» Task instructions: Say how many lines in the entries below have the word "linetype" in them, giving only the number.

» Dataset content:
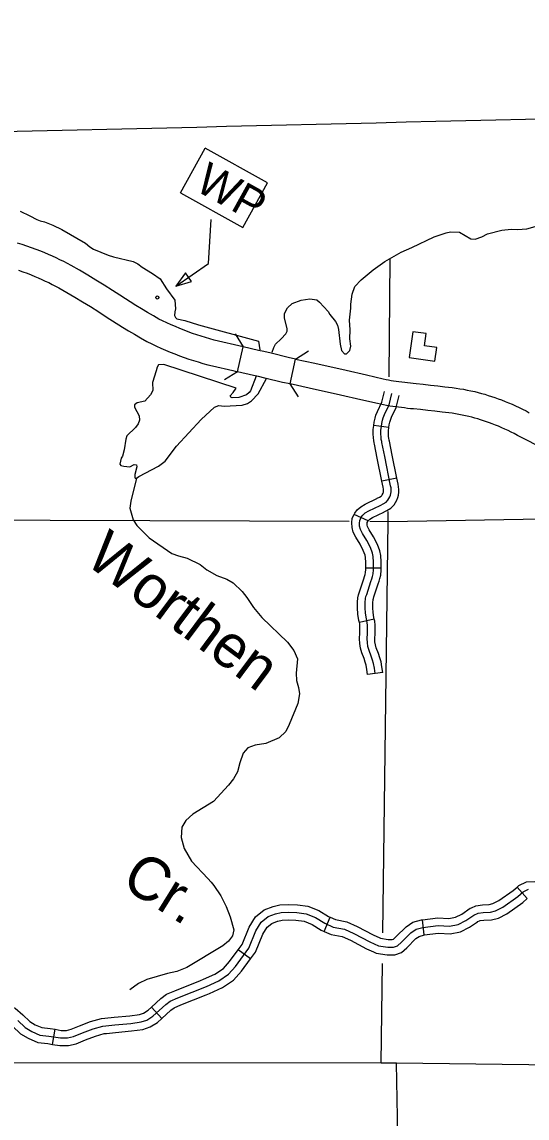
# Model space of a CAD drawing. Extents: x -19 to 366, y -4 to 359.
# Drawn here: x 136.698 to 137.635, y 197.944 to 199.977 of the extents above; entities that cross this region are included whole.
import ezdxf

# ---------------------------------------------------------------- set-up
doc = ezdxf.new("R2010")
doc.units = 0
for name, color, linetype in [('Level 10', 7, 'Continuous'), ('Level 32', 7, 'Continuous'), ('Level 35', 7, 'Continuous'), ('Level 37', 7, 'Continuous'), ('Level 4', 7, 'Continuous'), ('Level 45', 7, 'Continuous'), ('Level 5', 7, 'Continuous'), ('Level 57', 7, 'Continuous'), ('Level 58', 7, 'Continuous'), ('Level 60', 7, 'Continuous'), ('Level 9', 7, 'Continuous')]:
    doc.layers.add(name, color=color, linetype=linetype)

msp = doc.modelspace()

# ---------------------------------------------------------------- linework, layer by layer
at = {"layer": 'Level 10'}
for p, q in [((137.0973, 199.328), (137.1082, 199.374)), ((137.195, 199.3053), (137.2052, 199.3515))]:
    msp.add_line(p, q, dxfattribs=at)
for points in [[(137.1082, 199.374), (137.0996, 199.3761), (137.0623, 199.3847), (137.0543, 199.3868), (137.0462, 199.3891), (137.0381, 199.3914), (137.0301, 199.3939), (137.0221, 199.3965), (137.0141, 199.3992), (137.0062, 199.4021), (136.9985, 199.405), (136.9906, 199.4082), (136.9825, 199.4116), (136.9745, 199.4151), (136.9665, 199.4187), (136.9586, 199.4223), (136.9515, 199.4257), (136.9415, 199.4316), (136.9306, 199.4381), (136.9196, 199.4446), (136.909, 199.4509), (136.8794, 199.4698), (136.8657, 199.4788), (136.8499, 199.4888), (136.8349, 199.4981), (136.8198, 199.5072), (136.8045, 199.5161), (136.789, 199.525), (136.782, 199.5287), (136.7751, 199.5322), (136.7681, 199.5357), (136.7611, 199.5391), (136.754, 199.5423), (136.7469, 199.5455), (136.7398, 199.5486), (136.7324, 199.5516), (136.7238, 199.5549), (136.7153, 199.5579), (136.7067, 199.5609), (136.6982, 199.5638), (136.6896, 199.5665)], [(136.6914, 199.5161), (136.6994, 199.5133), (136.7073, 199.5105), (136.715, 199.5076), (136.7214, 199.5049), (136.728, 199.5021), (136.7345, 199.4992), (136.7409, 199.4962), (136.7473, 199.4932), (136.7537, 199.49), (136.76, 199.4867), (136.7662, 199.4835), (136.7809, 199.4751), (136.7956, 199.4665), (136.8102, 199.4577), (136.8248, 199.4487), (136.84, 199.439), (136.8537, 199.4301), (136.8842, 199.4105), (136.8955, 199.4038), (136.9064, 199.3974), (136.9174, 199.3909), (136.9292, 199.3839), (136.9385, 199.3795), (136.9469, 199.3756), (136.9554, 199.3718), (136.9639, 199.3681), (136.9724, 199.3645), (136.9812, 199.3609), (136.9899, 199.3576), (136.9985, 199.3545), (137.0071, 199.3516), (137.0158, 199.3488), (137.0245, 199.3461), (137.0333, 199.3435), (137.0421, 199.3411), (137.051, 199.3388), (137.0888, 199.33), (137.0973, 199.328)], [(137.2052, 199.3515), (137.1917, 199.3545), (137.1597, 199.3622), (137.1464, 199.3655), (137.1366, 199.3673), (137.1082, 199.374)], [(137.2052, 199.3515), (137.2406, 199.3438), (137.2988, 199.3307), (137.3365, 199.3221), (137.3678, 199.3151), (137.3729, 199.3138), (137.3776, 199.3128), (137.3823, 199.3119), (137.387, 199.3111), (137.3918, 199.3104), (137.3969, 199.3098), (137.4023, 199.3091), (137.4076, 199.3084), (137.4128, 199.3078), (137.4181, 199.3072), (137.4233, 199.3066), (137.4286, 199.3061), (137.442, 199.3048), (137.4554, 199.3033), (137.4688, 199.3019), (137.4821, 199.3003), (137.4889, 199.2996), (137.4958, 199.2987), (137.5028, 199.2977), (137.5097, 199.2966), (137.5167, 199.2954), (137.5235, 199.2941), (137.5304, 199.2926), (137.5374, 199.2911), (137.5437, 199.2895), (137.55, 199.2878), (137.5562, 199.2861), (137.5624, 199.2842), (137.5686, 199.2822), (137.5747, 199.2802), (137.5809, 199.278), (137.5869, 199.2757), (137.5936, 199.2731), (137.6002, 199.2704), (137.6068, 199.2676), (137.6133, 199.2646), (137.6198, 199.2616), (137.6262, 199.2584), (137.6326, 199.2552), (137.6386, 199.252)], [(137.195, 199.3053), (137.1811, 199.3083), (137.1484, 199.3162), (137.1364, 199.3192), (137.1268, 199.321), (137.0973, 199.328)], [(137.6694, 199.183), (137.6167, 199.21), (137.6107, 199.2132), (137.605, 199.2161), (137.5993, 199.2189), (137.5935, 199.2216), (137.5877, 199.2242), (137.5818, 199.2268), (137.5759, 199.2292), (137.57, 199.2315), (137.5646, 199.2335), (137.5593, 199.2354), (137.5539, 199.2372), (137.5484, 199.239), (137.5429, 199.2406), (137.5375, 199.2422), (137.532, 199.2436), (137.5265, 199.245), (137.5204, 199.2464), (137.5142, 199.2476), (137.5081, 199.2488), (137.5019, 199.2499), (137.4957, 199.2509), (137.4895, 199.2518), (137.4833, 199.2526), (137.4768, 199.2533), (137.4635, 199.2548), (137.4503, 199.2563), (137.4371, 199.2577), (137.4239, 199.259), (137.4184, 199.2595), (137.4129, 199.2601), (137.4073, 199.2608), (137.4018, 199.2614), (137.3962, 199.2621), (137.3909, 199.2628), (137.3855, 199.2635), (137.3797, 199.2643), (137.3739, 199.2653), (137.3681, 199.2664), (137.3624, 199.2677), (137.3571, 199.2689), (137.326, 199.2759), (137.2883, 199.2845), (137.2304, 199.2976), (137.195, 199.3053)]]:
    msp.add_lwpolyline(points, dxfattribs=at)
at = {"layer": 'Level 32'}
for p, q in [((137.3784, 199.2248), (137.3501, 199.228)), ((137.393, 199.1308), (137.3652, 199.1252)), ((137.3395, 199.0514), (137.3138, 199.0635)), ((137.364, 198.9639), (137.3356, 198.9637)), ((137.3512, 198.8694), (137.3235, 198.8632)), ((137.3668, 198.7704), (137.3387, 198.7666))]:
    msp.add_line(p, q, dxfattribs=at)
for points in [[(137.3501, 199.228), (137.3502, 199.2283), (137.351, 199.2346), (137.3526, 199.2417), (137.3542, 199.2472), (137.3569, 199.2545), (137.365, 199.2715), (137.37, 199.2911)], [(137.37, 199.249), (137.3785, 199.2666), (137.3838, 199.2877)], [(137.3784, 199.2248), (137.379, 199.2297), (137.3801, 199.2346), (137.3812, 199.2383), (137.3831, 199.2435), (137.3919, 199.2618), (137.3975, 199.2842)], [(137.3643, 199.2265), (137.365, 199.2322), (137.3664, 199.2382), (137.3677, 199.2427), (137.37, 199.249)], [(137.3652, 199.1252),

» Answer to this exercise: 2